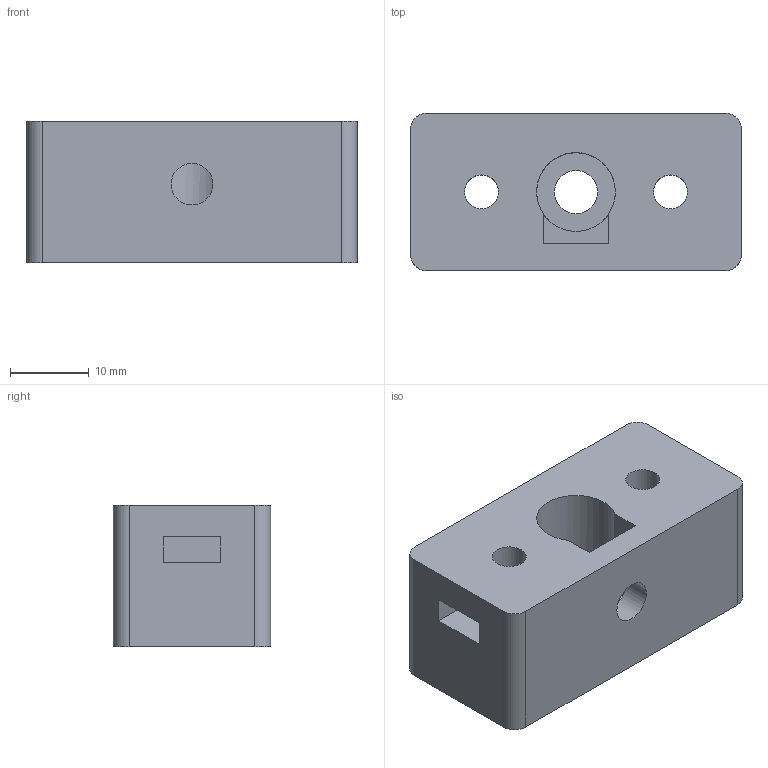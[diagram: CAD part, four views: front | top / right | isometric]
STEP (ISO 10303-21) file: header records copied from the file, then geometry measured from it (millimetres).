
FILE_DESCRIPTION(('Open CASCADE Model'),'2;1');
FILE_NAME('IdlerMountMotor','2026-06-25T14:49:35',('Author'),( 'Open CASCADE'),'Open CASCADE STEP processor 7.8','build123d', 'Unknown');
FILE_SCHEMA(('AUTOMOTIVE_DESIGN { 1 0 10303 214 1 1 1 1 }'));
Length unit declared in the file: millimetre
Products named in the file (1): IdlerMountMotor
Bounding box: 42 x 20 x 18 mm (x, y, z)
Volume: 11494 mm3; surface area: 5508.8 mm2
Topology: 1 solids, 1 shells, 36 faces, 87 edges, 58 vertices
Faces by surface type: plane 23, cylinder 13
Full cylindrical faces by diameter (mm): 4.3 x4, 5.3 x1, 5.5 x1, 10 x3
Entity records: 2253 total; most frequent: CARTESIAN_POINT 426, DIRECTION 348, LINE 201, VECTOR 201, ORIENTED_EDGE 174, PCURVE 174, DEFINITIONAL_REPRESENTATION 174, EDGE_CURVE 87

-----

Work task
Please reprint the whole listing exactly and omit its pictures.

Reply to the exercise
[diagram: CAD part, four views: front | top / right | isometric]
STEP (ISO 10303-21) file: header records copied from the file, then geometry measured from it (millimetres).
FILE_DESCRIPTION(('Open CASCADE Model'),'2;1');
FILE_NAME('IdlerMountMotor','2026-06-25T14:49:35',('Author'),( 'Open CASCADE'),'Open CASCADE STEP processor 7.8','build123d', 'Unknown');
FILE_SCHEMA(('AUTOMOTIVE_DESIGN { 1 0 10303 214 1 1 1 1 }'));
Length unit declared in the file: millimetre
Products named in the file (1): IdlerMountMotor
Bounding box: 42 x 20 x 18 mm (x, y, z)
Volume: 11494 mm3; surface area: 5508.8 mm2
Topology: 1 solids, 1 shells, 36 faces, 87 edges, 58 vertices
Faces by surface type: plane 23, cylinder 13
Full cylindrical faces by diameter (mm): 4.3 x4, 5.3 x1, 5.5 x1, 10 x3
Entity records: 2253 total; most frequent: CARTESIAN_POINT 426, DIRECTION 348, LINE 201, VECTOR 201, ORIENTED_EDGE 174, PCURVE 174, DEFINITIONAL_REPRESENTATION 174, EDGE_CURVE 87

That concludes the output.